• **WORK TO BE COMPLETED**: Print all of the entries exactly, minus the pictures.

### RECORDS SHOWN

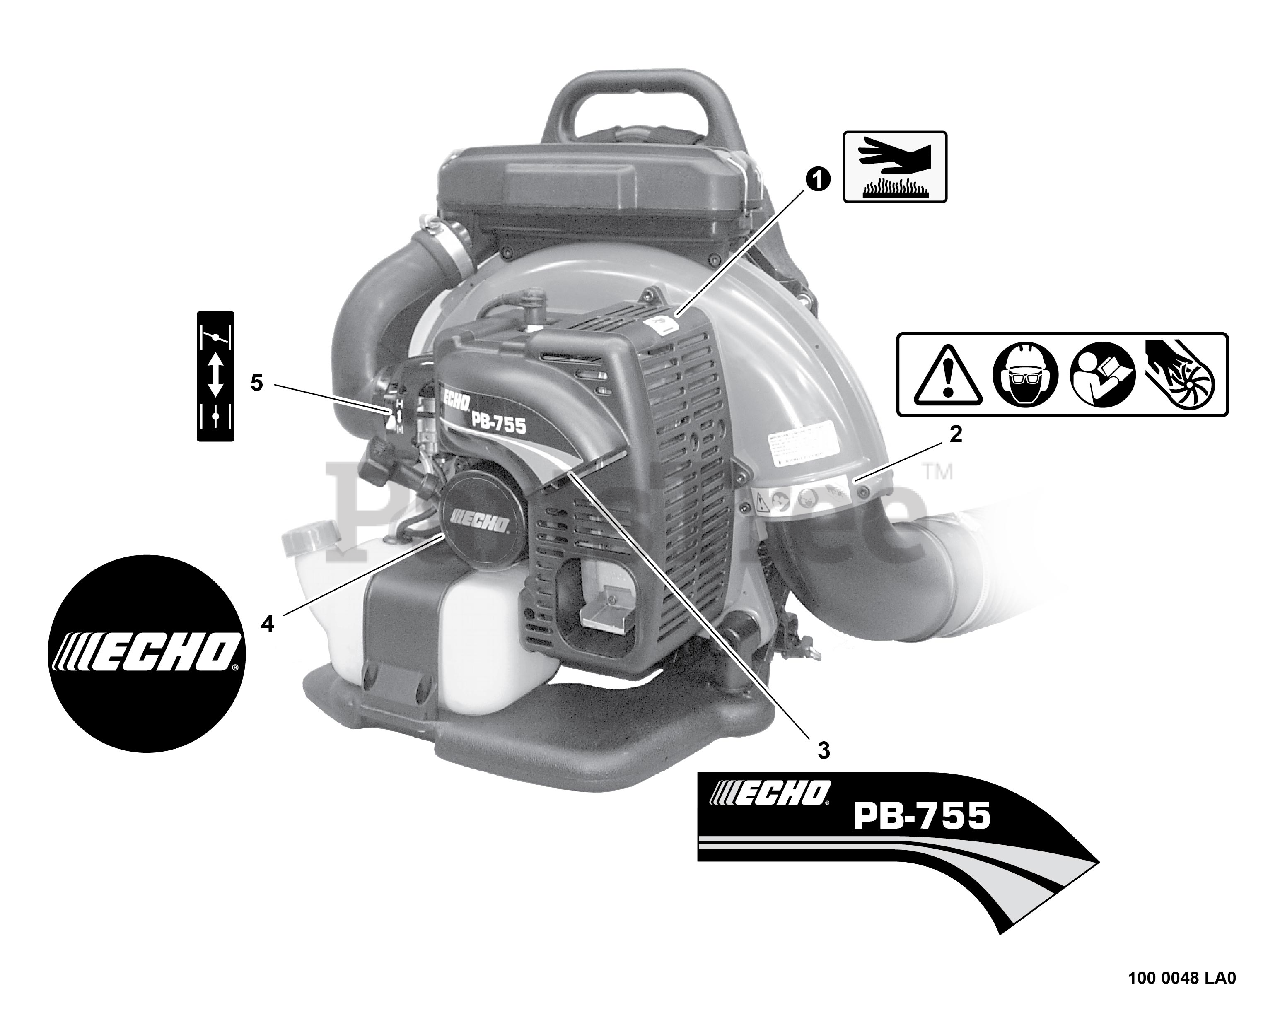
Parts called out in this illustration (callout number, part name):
1	LABEL - HOT SURFACE
2	LABEL - CAUTION
3	LABEL - MODEL PB-755
4	LABEL - ECHO
5	LABEL - CHOKE
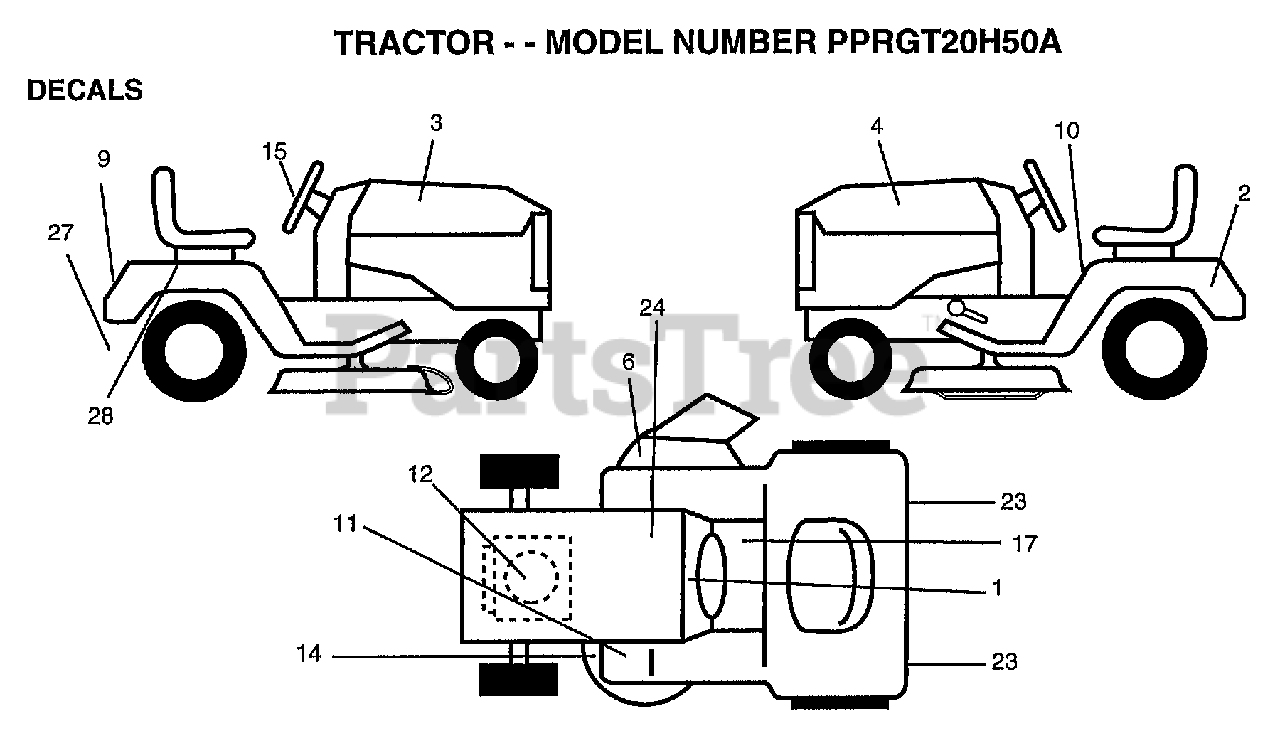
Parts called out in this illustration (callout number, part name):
1	DECAL OPER INSTR.
2	DECAL.FENDER.SD.AUTO
3	DECAL.HOOD.RH
4	DECAL.HOOD.LH
5	DECAL.DASH
6	"DECAL, WARNING"
9	DECAL.FENDER.LOGO
10	DECAL.CAUT.ENG/FR
11	DECAL T
12	DECAL KOHLER 20 OHP DMD
15	DECAL.INS.WHL.STRG
17	DECAL BRAK PARK
23	REFLECTOR-TAIL YT
24	DECAL.BATRY.3-3908
27	DECAL D-BAR CNTRL
28	DECAL.FENDER.SD.RH.
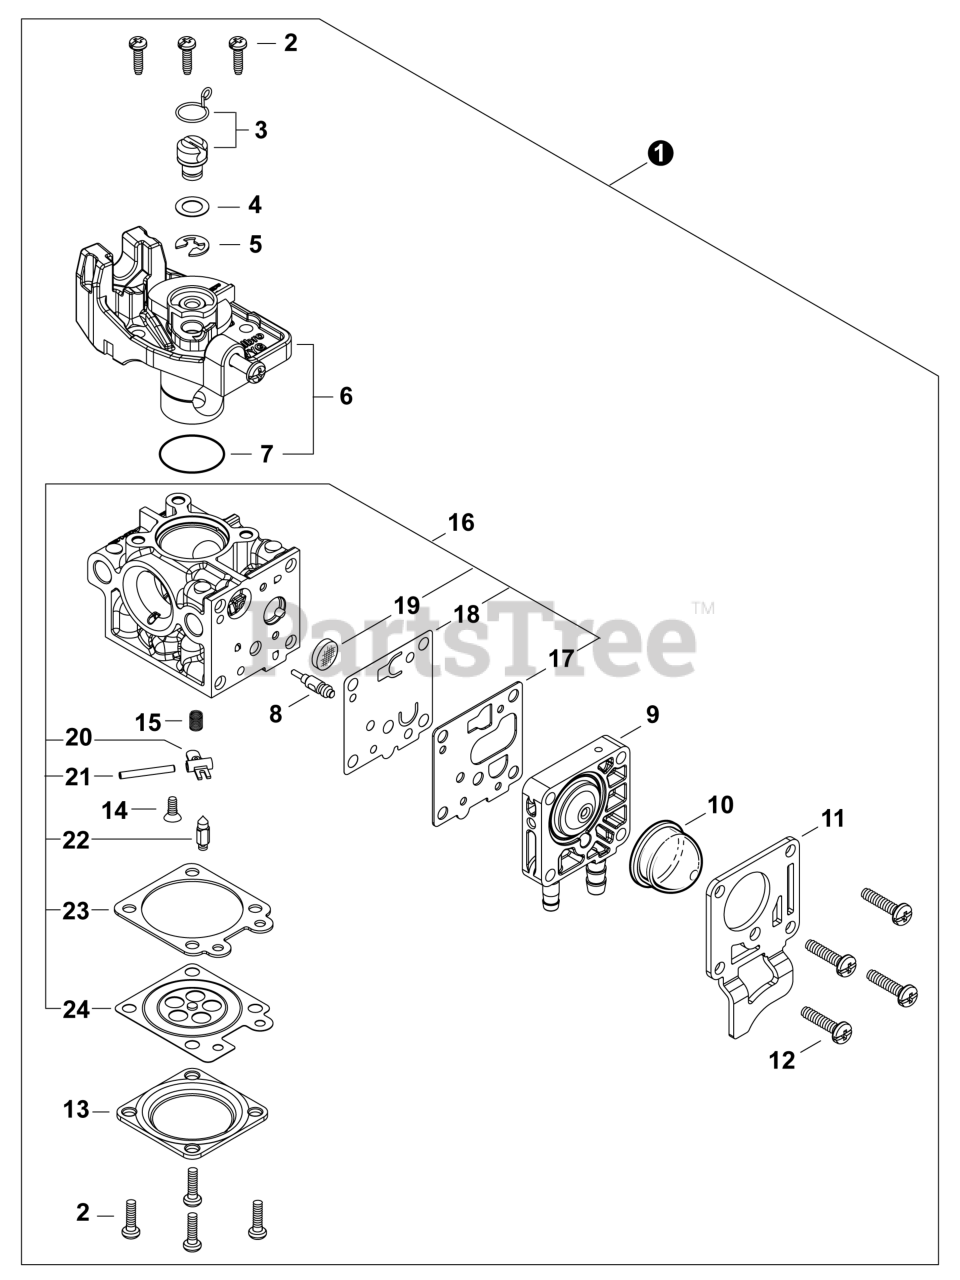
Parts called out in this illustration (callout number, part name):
1	CARBURETOR - WYG-23A
2	SCREW
3	SWIVEL KIT
4	WASHER
5	E-RING
6	THROTTLE VALVE ASSY
7	O-RING
8	NEEDLE, MIXTURE
9	BODY ASSY, PUMP
10	BULB, PURGE
11	COVER, FUEL PUMP
12	SCREW
13	COVER, METERING DIAPHRAGM
14	SCREW
15	SPRING
16	REPAIR KIT, CARBURETOR
17	GASKET, FUEL PUMP
18	DIAPHRAGM, FUEL PUMP
19	SCREEN, FUEL INLET
20	LEVER, METERING
21	PIN, METERING LEVER
22	VALVE, INLET NEEDLE
23	GASKET, METERING DIAPHRAGM
24	DIAPHRAGM, METERING
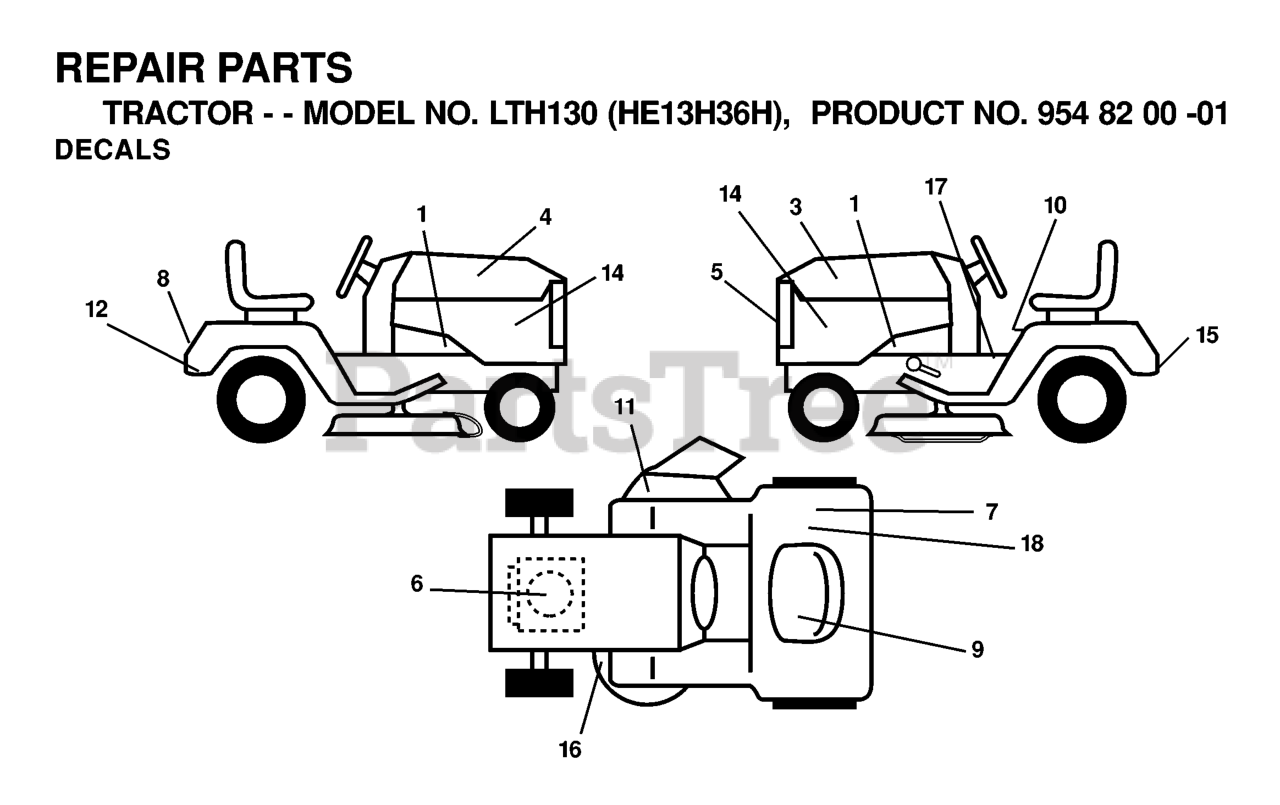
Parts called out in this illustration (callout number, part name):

######

• **SOLUTION FOR THIS EXERCISE**:
Parts called out in this illustration (callout number, part name):
1	LABEL - HOT SURFACE
2	LABEL - CAUTION
3	LABEL - MODEL PB-755
4	LABEL - ECHO
5	LABEL - CHOKE
Parts called out in this illustration (callout number, part name):
1	DECAL OPER INSTR.
2	DECAL.FENDER.SD.AUTO
3	DECAL.HOOD.RH
4	DECAL.HOOD.LH
5	DECAL.DASH
6	"DECAL, WARNING"
9	DECAL.FENDER.LOGO
10	DECAL.CAUT.ENG/FR
11	DECAL T
12	DECAL KOHLER 20 OHP DMD
15	DECAL.INS.WHL.STRG
17	DECAL BRAK PARK
23	REFLECTOR-TAIL YT
24	DECAL.BATRY.3-3908
27	DECAL D-BAR CNTRL
28	DECAL.FENDER.SD.RH.
Parts called out in this illustration (callout number, part name):
1	CARBURETOR - WYG-23A
2	SCREW
3	SWIVEL KIT
4	WASHER
5	E-RING
6	THROTTLE VALVE ASSY
7	O-RING
8	NEEDLE, MIXTURE
9	BODY ASSY, PUMP
10	BULB, PURGE
11	COVER, FUEL PUMP
12	SCREW
13	COVER, METERING DIAPHRAGM
14	SCREW
15	SPRING
16	REPAIR KIT, CARBURETOR
17	GASKET, FUEL PUMP
18	DIAPHRAGM, FUEL PUMP
19	SCREEN, FUEL INLET
20	LEVER, METERING
21	PIN, METERING LEVER
22	VALVE, INLET NEEDLE
23	GASKET, METERING DIAPHRAGM
24	DIAPHRAGM, METERING
Parts called out in this illustration (callout number, part name):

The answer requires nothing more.